All of the entries are to be returned word for word.
** INPUT DATA follows **
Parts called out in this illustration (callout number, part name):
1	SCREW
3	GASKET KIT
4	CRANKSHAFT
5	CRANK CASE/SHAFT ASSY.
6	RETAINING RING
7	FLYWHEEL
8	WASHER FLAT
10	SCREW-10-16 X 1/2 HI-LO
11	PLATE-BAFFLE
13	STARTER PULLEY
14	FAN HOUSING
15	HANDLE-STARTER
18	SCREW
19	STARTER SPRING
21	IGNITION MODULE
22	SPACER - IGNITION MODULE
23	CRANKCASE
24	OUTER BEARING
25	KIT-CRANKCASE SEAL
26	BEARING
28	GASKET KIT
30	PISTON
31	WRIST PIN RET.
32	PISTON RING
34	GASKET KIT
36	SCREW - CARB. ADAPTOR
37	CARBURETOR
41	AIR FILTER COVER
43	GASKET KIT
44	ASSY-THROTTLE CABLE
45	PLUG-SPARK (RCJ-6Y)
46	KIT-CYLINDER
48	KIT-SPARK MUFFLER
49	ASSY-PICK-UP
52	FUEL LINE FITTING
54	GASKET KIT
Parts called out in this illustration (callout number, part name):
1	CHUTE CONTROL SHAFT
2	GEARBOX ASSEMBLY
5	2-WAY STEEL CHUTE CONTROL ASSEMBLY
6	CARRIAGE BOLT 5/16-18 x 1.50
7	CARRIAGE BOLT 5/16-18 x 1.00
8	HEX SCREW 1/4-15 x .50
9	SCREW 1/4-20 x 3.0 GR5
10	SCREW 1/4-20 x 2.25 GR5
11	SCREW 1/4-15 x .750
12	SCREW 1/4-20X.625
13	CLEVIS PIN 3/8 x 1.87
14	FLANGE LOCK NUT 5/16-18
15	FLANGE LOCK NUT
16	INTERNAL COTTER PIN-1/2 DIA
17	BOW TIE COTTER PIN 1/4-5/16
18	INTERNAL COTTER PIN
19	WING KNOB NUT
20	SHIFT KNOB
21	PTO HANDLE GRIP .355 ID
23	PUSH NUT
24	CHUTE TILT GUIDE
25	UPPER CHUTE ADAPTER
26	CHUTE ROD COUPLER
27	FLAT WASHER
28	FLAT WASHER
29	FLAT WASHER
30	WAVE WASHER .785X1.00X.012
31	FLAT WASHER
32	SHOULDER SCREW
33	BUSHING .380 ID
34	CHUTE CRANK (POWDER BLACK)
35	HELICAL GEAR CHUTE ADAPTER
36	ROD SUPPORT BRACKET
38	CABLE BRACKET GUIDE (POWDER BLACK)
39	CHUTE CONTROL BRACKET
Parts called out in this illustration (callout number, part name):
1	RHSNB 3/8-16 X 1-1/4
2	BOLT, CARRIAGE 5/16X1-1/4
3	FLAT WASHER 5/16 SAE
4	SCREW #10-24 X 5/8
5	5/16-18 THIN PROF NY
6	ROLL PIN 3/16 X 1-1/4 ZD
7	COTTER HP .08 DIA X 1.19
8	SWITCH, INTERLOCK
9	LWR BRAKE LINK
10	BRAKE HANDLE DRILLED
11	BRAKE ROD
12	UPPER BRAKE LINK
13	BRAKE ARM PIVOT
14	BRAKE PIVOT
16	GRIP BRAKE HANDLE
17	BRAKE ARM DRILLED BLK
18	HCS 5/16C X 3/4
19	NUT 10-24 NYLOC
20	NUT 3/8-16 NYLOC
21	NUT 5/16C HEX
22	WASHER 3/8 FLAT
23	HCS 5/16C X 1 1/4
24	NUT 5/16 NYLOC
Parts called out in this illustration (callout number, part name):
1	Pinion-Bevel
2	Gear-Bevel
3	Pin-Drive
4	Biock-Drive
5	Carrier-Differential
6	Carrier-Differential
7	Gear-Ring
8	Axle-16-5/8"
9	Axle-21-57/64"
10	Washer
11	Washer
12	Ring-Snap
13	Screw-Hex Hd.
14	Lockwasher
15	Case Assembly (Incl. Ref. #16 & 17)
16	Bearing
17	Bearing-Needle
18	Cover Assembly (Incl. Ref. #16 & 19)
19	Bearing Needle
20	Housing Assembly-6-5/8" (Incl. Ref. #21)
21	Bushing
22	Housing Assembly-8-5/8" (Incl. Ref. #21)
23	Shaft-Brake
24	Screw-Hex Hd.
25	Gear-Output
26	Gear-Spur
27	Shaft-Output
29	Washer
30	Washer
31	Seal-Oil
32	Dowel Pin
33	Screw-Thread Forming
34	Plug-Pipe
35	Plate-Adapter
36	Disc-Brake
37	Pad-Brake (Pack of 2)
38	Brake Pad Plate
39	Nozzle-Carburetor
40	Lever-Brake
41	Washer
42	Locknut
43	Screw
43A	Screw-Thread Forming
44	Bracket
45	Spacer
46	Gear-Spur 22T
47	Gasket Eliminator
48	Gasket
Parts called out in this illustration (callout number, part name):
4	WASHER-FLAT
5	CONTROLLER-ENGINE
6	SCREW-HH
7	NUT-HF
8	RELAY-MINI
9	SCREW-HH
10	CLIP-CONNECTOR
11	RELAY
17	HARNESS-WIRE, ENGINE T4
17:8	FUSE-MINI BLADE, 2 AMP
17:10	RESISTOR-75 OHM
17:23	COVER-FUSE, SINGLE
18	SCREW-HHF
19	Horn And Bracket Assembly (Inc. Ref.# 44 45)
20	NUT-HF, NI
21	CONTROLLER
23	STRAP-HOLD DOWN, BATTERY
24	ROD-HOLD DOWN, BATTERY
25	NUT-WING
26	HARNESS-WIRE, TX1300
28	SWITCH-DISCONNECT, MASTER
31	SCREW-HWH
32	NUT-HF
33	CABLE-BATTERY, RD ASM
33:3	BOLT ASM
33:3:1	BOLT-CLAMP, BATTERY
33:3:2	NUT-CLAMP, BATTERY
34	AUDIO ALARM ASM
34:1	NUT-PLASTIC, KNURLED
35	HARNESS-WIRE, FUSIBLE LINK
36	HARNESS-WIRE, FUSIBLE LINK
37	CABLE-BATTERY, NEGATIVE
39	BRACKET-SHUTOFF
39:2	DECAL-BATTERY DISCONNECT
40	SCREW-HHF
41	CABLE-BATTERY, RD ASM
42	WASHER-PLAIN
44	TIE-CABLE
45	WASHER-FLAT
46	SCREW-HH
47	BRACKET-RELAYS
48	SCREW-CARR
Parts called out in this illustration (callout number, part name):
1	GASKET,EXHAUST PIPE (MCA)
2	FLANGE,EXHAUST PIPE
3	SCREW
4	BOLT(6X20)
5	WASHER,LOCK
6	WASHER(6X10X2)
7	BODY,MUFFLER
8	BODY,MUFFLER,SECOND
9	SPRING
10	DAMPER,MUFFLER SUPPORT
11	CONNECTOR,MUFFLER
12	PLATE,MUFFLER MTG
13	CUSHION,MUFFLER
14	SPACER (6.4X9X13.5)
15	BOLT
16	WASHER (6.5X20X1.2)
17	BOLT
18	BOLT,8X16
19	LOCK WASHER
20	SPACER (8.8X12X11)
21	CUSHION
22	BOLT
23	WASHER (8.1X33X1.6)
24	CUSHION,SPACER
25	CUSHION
** End of INPUT DATA **
YOUR RESPONSE:
Parts called out in this illustration (callout number, part name):
1	SCREW
3	GASKET KIT
4	CRANKSHAFT
5	CRANK CASE/SHAFT ASSY.
6	RETAINING RING
7	FLYWHEEL
8	WASHER FLAT
10	SCREW-10-16 X 1/2 HI-LO
11	PLATE-BAFFLE
13	STARTER PULLEY
14	FAN HOUSING
15	HANDLE-STARTER
18	SCREW
19	STARTER SPRING
21	IGNITION MODULE
22	SPACER - IGNITION MODULE
23	CRANKCASE
24	OUTER BEARING
25	KIT-CRANKCASE SEAL
26	BEARING
28	GASKET KIT
30	PISTON
31	WRIST PIN RET.
32	PISTON RING
34	GASKET KIT
36	SCREW - CARB. ADAPTOR
37	CARBURETOR
41	AIR FILTER COVER
43	GASKET KIT
44	ASSY-THROTTLE CABLE
45	PLUG-SPARK (RCJ-6Y)
46	KIT-CYLINDER
48	KIT-SPARK MUFFLER
49	ASSY-PICK-UP
52	FUEL LINE FITTING
54	GASKET KIT
Parts called out in this illustration (callout number, part name):
1	CHUTE CONTROL SHAFT
2	GEARBOX ASSEMBLY
5	2-WAY STEEL CHUTE CONTROL ASSEMBLY
6	CARRIAGE BOLT 5/16-18 x 1.50
7	CARRIAGE BOLT 5/16-18 x 1.00
8	HEX SCREW 1/4-15 x .50
9	SCREW 1/4-20 x 3.0 GR5
10	SCREW 1/4-20 x 2.25 GR5
11	SCREW 1/4-15 x .750
12	SCREW 1/4-20X.625
13	CLEVIS PIN 3/8 x 1.87
14	FLANGE LOCK NUT 5/16-18
15	FLANGE LOCK NUT
16	INTERNAL COTTER PIN-1/2 DIA
17	BOW TIE COTTER PIN 1/4-5/16
18	INTERNAL COTTER PIN
19	WING KNOB NUT
20	SHIFT KNOB
21	PTO HANDLE GRIP .355 ID
23	PUSH NUT
24	CHUTE TILT GUIDE
25	UPPER CHUTE ADAPTER
26	CHUTE ROD COUPLER
27	FLAT WASHER
28	FLAT WASHER
29	FLAT WASHER
30	WAVE WASHER .785X1.00X.012
31	FLAT WASHER
32	SHOULDER SCREW
33	BUSHING .380 ID
34	CHUTE CRANK (POWDER BLACK)
35	HELICAL GEAR CHUTE ADAPTER
36	ROD SUPPORT BRACKET
38	CABLE BRACKET GUIDE (POWDER BLACK)
39	CHUTE CONTROL BRACKET
Parts called out in this illustration (callout number, part name):
1	RHSNB 3/8-16 X 1-1/4
2	BOLT, CARRIAGE 5/16X1-1/4
3	FLAT WASHER 5/16 SAE
4	SCREW #10-24 X 5/8
5	5/16-18 THIN PROF NY
6	ROLL PIN 3/16 X 1-1/4 ZD
7	COTTER HP .08 DIA X 1.19
8	SWITCH, INTERLOCK
9	LWR BRAKE LINK
10	BRAKE HANDLE DRILLED
11	BRAKE ROD
12	UPPER BRAKE LINK
13	BRAKE ARM PIVOT
14	BRAKE PIVOT
16	GRIP BRAKE HANDLE
17	BRAKE ARM DRILLED BLK
18	HCS 5/16C X 3/4
19	NUT 10-24 NYLOC
20	NUT 3/8-16 NYLOC
21	NUT 5/16C HEX
22	WASHER 3/8 FLAT
23	HCS 5/16C X 1 1/4
24	NUT 5/16 NYLOC
Parts called out in this illustration (callout number, part name):
1	Pinion-Bevel
2	Gear-Bevel
3	Pin-Drive
4	Biock-Drive
5	Carrier-Differential
6	Carrier-Differential
7	Gear-Ring
8	Axle-16-5/8"
9	Axle-21-57/64"
10	Washer
11	Washer
12	Ring-Snap
13	Screw-Hex Hd.
14	Lockwasher
15	Case Assembly (Incl. Ref. #16 & 17)
16	Bearing
17	Bearing-Needle
18	Cover Assembly (Incl. Ref. #16 & 19)
19	Bearing Needle
20	Housing Assembly-6-5/8" (Incl. Ref. #21)
21	Bushing
22	Housing Assembly-8-5/8" (Incl. Ref. #21)
23	Shaft-Brake
24	Screw-Hex Hd.
25	Gear-Output
26	Gear-Spur
27	Shaft-Output
29	Washer
30	Washer
31	Seal-Oil
32	Dowel Pin
33	Screw-Thread Forming
34	Plug-Pipe
35	Plate-Adapter
36	Disc-Brake
37	Pad-Brake (Pack of 2)
38	Brake Pad Plate
39	Nozzle-Carburetor
40	Lever-Brake
41	Washer
42	Locknut
43	Screw
43A	Screw-Thread Forming
44	Bracket
45	Spacer
46	Gear-Spur 22T
47	Gasket Eliminator
48	Gasket
Parts called out in this illustration (callout number, part name):
4	WASHER-FLAT
5	CONTROLLER-ENGINE
6	SCREW-HH
7	NUT-HF
8	RELAY-MINI
9	SCREW-HH
10	CLIP-CONNECTOR
11	RELAY
17	HARNESS-WIRE, ENGINE T4
17:8	FUSE-MINI BLADE, 2 AMP
17:10	RESISTOR-75 OHM
17:23	COVER-FUSE, SINGLE
18	SCREW-HHF
19	Horn And Bracket Assembly (Inc. Ref.# 44 45)
20	NUT-HF, NI
21	CONTROLLER
23	STRAP-HOLD DOWN, BATTERY
24	ROD-HOLD DOWN, BATTERY
25	NUT-WING
26	HARNESS-WIRE, TX1300
28	SWITCH-DISCONNECT, MASTER
31	SCREW-HWH
32	NUT-HF
33	CABLE-BATTERY, RD ASM
33:3	BOLT ASM
33:3:1	BOLT-CLAMP, BATTERY
33:3:2	NUT-CLAMP, BATTERY
34	AUDIO ALARM ASM
34:1	NUT-PLASTIC, KNURLED
35	HARNESS-WIRE, FUSIBLE LINK
36	HARNESS-WIRE, FUSIBLE LINK
37	CABLE-BATTERY, NEGATIVE
39	BRACKET-SHUTOFF
39:2	DECAL-BATTERY DISCONNECT
40	SCREW-HHF
41	CABLE-BATTERY, RD ASM
42	WASHER-PLAIN
44	TIE-CABLE
45	WASHER-FLAT
46	SCREW-HH
47	BRACKET-RELAYS
48	SCREW-CARR
Parts called out in this illustration (callout number, part name):
1	GASKET,EXHAUST PIPE (MCA)
2	FLANGE,EXHAUST PIPE
3	SCREW
4	BOLT(6X20)
5	WASHER,LOCK
6	WASHER(6X10X2)
7	BODY,MUFFLER
8	BODY,MUFFLER,SECOND
9	SPRING
10	DAMPER,MUFFLER SUPPORT
11	CONNECTOR,MUFFLER
12	PLATE,MUFFLER MTG
13	CUSHION,MUFFLER
14	SPACER (6.4X9X13.5)
15	BOLT
16	WASHER (6.5X20X1.2)
17	BOLT
18	BOLT,8X16
19	LOCK WASHER
20	SPACER (8.8X12X11)
21	CUSHION
22	BOLT
23	WASHER (8.1X33X1.6)
24	CUSHION,SPACER
25	CUSHION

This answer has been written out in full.